## Exercise directions
Going through the data below, please show each line containing the string "name".

(Dataset items)
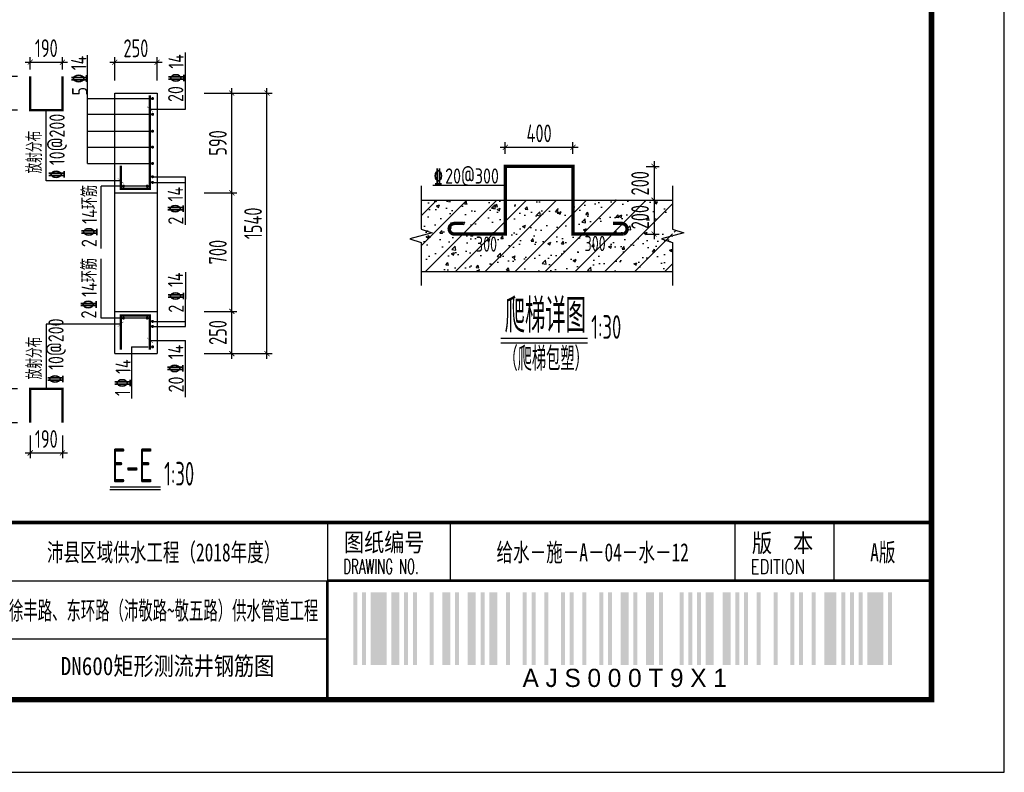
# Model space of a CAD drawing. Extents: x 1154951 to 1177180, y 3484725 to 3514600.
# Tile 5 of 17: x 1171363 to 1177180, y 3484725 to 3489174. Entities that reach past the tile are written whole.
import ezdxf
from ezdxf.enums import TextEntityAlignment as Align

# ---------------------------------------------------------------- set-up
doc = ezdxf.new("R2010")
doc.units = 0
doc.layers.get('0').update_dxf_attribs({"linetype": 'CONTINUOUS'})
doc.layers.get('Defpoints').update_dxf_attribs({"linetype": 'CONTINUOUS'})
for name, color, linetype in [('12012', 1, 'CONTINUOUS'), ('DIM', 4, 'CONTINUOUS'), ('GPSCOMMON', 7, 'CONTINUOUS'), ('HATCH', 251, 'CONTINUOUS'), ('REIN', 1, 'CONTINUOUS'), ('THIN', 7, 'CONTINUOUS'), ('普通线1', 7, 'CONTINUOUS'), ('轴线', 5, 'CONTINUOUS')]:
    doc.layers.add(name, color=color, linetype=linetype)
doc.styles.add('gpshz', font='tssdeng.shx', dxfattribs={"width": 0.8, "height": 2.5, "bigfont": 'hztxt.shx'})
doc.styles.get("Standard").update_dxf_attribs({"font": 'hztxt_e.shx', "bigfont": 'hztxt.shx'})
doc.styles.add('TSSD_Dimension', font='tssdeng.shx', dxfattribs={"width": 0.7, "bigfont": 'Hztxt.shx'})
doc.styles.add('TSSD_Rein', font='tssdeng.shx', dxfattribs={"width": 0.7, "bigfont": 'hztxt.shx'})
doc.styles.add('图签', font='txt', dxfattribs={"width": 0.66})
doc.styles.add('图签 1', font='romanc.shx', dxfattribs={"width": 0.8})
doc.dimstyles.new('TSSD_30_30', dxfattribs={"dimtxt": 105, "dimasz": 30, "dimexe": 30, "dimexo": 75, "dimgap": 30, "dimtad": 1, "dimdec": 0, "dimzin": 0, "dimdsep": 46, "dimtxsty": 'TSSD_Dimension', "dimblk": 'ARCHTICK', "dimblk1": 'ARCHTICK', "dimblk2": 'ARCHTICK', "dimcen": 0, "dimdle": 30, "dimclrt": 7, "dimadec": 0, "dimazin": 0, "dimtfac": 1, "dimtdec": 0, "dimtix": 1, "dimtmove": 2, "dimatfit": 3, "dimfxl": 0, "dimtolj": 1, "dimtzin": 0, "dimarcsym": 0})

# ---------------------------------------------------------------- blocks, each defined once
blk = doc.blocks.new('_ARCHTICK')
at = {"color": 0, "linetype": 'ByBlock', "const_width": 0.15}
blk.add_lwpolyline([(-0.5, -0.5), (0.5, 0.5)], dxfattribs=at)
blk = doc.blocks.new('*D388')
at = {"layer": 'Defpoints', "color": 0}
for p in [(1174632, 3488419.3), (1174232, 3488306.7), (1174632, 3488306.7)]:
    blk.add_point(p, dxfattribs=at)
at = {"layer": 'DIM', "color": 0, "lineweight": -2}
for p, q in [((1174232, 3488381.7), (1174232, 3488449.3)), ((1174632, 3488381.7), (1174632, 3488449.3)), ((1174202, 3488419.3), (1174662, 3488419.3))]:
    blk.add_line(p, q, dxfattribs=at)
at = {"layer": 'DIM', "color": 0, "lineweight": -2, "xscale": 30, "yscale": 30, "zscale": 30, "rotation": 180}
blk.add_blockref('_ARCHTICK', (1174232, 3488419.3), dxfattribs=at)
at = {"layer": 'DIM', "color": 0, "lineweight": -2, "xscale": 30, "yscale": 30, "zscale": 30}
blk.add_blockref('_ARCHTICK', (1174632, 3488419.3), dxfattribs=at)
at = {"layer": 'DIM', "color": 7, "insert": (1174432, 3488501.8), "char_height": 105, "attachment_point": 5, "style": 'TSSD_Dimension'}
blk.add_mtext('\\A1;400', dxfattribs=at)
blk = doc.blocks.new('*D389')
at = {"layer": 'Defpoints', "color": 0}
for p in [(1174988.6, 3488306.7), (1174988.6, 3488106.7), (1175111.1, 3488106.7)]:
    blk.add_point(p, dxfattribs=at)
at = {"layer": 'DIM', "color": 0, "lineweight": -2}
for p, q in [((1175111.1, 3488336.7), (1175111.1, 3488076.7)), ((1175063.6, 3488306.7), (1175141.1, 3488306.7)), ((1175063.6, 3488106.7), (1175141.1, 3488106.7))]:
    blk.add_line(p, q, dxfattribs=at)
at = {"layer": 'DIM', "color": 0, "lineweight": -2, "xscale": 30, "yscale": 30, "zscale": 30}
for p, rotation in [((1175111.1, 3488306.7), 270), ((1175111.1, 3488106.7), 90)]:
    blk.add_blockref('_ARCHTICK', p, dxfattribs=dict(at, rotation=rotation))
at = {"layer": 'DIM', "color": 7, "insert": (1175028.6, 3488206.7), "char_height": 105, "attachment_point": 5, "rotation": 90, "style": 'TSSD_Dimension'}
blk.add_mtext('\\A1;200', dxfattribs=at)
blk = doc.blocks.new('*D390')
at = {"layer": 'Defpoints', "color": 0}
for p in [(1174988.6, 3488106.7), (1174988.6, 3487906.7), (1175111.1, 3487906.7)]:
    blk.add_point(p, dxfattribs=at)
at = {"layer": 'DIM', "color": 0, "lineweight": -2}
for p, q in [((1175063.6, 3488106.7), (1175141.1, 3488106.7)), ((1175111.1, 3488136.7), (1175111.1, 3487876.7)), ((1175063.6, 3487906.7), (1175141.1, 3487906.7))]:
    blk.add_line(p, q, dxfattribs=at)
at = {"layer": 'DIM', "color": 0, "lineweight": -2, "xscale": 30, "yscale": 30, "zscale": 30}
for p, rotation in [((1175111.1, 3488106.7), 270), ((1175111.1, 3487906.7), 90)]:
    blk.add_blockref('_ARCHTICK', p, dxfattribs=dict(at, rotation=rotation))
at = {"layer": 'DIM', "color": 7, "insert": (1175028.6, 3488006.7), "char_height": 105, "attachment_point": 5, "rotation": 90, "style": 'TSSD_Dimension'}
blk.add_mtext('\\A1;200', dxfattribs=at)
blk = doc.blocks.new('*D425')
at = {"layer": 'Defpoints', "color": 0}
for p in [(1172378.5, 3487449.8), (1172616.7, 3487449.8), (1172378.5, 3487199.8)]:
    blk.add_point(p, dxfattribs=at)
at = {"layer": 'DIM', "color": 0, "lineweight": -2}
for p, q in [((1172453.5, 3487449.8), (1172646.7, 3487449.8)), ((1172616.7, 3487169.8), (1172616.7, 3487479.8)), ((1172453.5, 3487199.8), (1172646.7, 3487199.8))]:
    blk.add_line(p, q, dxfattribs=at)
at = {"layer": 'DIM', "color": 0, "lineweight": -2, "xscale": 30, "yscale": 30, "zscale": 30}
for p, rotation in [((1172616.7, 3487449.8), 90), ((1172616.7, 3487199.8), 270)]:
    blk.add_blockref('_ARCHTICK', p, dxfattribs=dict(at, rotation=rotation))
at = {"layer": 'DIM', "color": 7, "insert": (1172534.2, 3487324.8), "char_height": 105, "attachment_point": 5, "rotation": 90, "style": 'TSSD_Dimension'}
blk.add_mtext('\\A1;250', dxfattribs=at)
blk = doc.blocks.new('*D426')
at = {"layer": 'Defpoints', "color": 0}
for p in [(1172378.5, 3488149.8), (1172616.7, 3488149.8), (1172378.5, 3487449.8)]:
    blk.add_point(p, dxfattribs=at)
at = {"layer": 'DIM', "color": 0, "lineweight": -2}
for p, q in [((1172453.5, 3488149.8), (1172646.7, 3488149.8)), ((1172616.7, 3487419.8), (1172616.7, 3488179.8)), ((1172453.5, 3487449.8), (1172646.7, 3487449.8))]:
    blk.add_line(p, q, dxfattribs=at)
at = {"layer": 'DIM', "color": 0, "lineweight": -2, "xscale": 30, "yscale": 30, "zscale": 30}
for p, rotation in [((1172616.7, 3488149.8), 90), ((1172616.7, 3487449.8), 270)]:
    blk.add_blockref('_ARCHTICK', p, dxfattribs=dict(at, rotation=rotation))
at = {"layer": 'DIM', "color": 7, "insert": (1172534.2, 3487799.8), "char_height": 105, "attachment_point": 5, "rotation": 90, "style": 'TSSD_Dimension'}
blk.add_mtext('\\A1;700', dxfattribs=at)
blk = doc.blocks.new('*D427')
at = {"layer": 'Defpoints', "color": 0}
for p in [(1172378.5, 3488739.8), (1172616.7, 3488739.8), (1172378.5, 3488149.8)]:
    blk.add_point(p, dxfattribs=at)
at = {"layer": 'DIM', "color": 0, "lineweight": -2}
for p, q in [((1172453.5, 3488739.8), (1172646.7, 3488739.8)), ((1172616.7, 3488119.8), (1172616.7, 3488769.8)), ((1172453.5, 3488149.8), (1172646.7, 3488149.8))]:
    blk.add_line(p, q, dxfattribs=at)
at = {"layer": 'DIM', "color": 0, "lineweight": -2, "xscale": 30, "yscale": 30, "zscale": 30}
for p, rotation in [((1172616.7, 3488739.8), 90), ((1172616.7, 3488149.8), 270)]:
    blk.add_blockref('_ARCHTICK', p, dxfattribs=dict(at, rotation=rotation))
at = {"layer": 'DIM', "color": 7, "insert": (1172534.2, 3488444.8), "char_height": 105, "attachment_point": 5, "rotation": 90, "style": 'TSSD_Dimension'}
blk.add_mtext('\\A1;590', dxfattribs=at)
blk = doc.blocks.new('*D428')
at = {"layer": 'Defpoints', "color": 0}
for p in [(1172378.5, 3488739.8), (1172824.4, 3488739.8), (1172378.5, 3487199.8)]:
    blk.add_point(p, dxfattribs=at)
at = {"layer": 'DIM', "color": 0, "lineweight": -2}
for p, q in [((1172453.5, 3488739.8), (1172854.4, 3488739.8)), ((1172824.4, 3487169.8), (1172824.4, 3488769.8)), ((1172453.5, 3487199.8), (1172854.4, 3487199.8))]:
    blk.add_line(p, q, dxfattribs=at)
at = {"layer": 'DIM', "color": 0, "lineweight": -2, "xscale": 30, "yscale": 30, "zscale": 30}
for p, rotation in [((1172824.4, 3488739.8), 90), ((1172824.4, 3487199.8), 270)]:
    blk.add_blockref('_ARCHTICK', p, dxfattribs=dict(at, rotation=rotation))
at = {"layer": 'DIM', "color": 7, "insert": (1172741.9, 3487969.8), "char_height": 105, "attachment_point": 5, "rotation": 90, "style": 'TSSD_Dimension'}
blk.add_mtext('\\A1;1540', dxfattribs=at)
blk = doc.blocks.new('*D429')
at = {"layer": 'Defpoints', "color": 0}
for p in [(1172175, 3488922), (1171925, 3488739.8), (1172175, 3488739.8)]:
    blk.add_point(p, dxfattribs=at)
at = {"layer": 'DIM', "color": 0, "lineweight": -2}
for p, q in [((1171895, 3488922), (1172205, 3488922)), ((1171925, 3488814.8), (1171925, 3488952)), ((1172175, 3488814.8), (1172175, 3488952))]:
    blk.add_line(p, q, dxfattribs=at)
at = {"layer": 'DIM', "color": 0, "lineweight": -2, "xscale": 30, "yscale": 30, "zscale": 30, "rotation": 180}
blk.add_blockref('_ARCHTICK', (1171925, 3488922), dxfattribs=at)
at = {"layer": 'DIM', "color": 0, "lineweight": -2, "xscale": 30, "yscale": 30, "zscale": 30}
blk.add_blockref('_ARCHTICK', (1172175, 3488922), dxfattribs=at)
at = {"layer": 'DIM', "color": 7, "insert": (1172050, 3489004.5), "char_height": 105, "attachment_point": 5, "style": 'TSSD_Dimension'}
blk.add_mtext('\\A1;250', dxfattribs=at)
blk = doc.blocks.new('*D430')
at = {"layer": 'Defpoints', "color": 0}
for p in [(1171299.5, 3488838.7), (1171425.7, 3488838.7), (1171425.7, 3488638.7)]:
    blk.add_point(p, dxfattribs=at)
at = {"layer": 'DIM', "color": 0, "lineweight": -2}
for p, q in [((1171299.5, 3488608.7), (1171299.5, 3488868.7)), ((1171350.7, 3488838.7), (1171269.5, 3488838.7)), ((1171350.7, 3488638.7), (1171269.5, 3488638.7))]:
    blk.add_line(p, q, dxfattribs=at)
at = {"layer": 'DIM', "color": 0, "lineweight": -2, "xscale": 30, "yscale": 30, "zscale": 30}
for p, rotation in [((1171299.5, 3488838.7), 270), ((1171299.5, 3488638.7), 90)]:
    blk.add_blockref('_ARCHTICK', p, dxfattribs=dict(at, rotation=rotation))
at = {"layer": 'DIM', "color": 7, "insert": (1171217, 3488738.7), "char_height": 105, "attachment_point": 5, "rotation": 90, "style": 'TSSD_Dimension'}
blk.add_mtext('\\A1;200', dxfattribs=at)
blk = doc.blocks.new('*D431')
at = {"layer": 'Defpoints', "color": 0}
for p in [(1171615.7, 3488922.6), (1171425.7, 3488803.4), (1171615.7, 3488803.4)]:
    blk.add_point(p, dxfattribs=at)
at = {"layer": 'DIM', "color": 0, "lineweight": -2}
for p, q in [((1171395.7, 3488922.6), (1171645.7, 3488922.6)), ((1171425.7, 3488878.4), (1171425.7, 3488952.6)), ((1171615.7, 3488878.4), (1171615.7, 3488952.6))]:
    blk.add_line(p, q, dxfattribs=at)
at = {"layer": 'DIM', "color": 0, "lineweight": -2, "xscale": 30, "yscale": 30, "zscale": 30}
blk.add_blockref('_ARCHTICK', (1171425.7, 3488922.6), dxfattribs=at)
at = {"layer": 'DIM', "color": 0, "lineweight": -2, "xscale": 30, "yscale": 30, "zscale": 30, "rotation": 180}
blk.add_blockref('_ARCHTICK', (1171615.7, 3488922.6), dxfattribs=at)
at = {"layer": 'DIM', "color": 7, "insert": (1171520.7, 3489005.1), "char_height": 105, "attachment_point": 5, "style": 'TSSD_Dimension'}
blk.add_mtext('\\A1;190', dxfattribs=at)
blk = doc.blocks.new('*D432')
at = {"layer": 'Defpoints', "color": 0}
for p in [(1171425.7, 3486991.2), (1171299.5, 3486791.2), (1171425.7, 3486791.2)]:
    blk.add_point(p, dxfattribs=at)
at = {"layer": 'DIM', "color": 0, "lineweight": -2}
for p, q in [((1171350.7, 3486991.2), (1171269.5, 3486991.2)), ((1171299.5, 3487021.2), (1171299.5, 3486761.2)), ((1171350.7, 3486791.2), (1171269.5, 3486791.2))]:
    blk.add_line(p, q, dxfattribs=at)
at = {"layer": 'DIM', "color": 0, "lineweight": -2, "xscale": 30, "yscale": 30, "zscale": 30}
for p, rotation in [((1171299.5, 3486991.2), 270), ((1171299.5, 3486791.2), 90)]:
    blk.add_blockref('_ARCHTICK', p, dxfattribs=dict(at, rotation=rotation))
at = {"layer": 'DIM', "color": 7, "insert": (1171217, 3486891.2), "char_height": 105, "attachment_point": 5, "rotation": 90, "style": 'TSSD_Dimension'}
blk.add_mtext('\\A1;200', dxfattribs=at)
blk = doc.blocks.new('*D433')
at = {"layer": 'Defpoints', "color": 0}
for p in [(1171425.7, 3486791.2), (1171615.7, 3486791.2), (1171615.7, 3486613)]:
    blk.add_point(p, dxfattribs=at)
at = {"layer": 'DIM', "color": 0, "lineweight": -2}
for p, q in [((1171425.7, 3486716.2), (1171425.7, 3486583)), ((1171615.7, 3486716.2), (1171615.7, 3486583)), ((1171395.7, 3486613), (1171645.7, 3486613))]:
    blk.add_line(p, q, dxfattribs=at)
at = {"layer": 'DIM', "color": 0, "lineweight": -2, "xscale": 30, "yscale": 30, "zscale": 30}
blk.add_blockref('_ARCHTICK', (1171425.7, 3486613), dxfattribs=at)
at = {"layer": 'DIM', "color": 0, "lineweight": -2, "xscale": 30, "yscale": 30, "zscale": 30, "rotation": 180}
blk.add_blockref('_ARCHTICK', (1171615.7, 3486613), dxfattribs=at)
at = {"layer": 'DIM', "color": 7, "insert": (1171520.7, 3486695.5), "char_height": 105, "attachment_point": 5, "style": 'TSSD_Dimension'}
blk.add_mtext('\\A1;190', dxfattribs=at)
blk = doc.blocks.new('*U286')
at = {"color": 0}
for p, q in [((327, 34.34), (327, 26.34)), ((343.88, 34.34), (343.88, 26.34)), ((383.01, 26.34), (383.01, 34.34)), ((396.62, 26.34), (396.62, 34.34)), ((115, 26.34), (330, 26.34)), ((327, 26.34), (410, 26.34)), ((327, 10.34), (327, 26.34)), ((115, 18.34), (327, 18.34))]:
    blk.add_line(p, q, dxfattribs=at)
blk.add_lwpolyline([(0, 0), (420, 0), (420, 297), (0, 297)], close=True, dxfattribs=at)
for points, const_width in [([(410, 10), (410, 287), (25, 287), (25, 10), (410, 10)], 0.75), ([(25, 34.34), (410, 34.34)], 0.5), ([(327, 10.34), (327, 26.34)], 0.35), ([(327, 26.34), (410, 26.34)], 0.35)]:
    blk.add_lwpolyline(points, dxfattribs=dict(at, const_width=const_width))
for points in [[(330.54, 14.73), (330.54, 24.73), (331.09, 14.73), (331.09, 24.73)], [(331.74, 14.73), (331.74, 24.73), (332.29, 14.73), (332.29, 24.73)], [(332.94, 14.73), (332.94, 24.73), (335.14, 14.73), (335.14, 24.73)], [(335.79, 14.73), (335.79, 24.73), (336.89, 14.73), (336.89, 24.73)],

## Output of the task
for name, color, linetype in [('12012', 1, 'CONTINUOUS'), ('DIM', 4, 'CONTINUOUS'), ('GPSCOMMON', 7, 'CONTINUOUS'), ('HATCH', 251, 'CONTINUOUS'), ('REIN', 1, 'CONTINUOUS'), ('THIN', 7, 'CONTINUOUS'), ('普通线1', 7, 'CONTINUOUS'), ('轴线', 5, 'CONTINUOUS')]:
    doc.layers.add(name, color=color, linetype=linetype)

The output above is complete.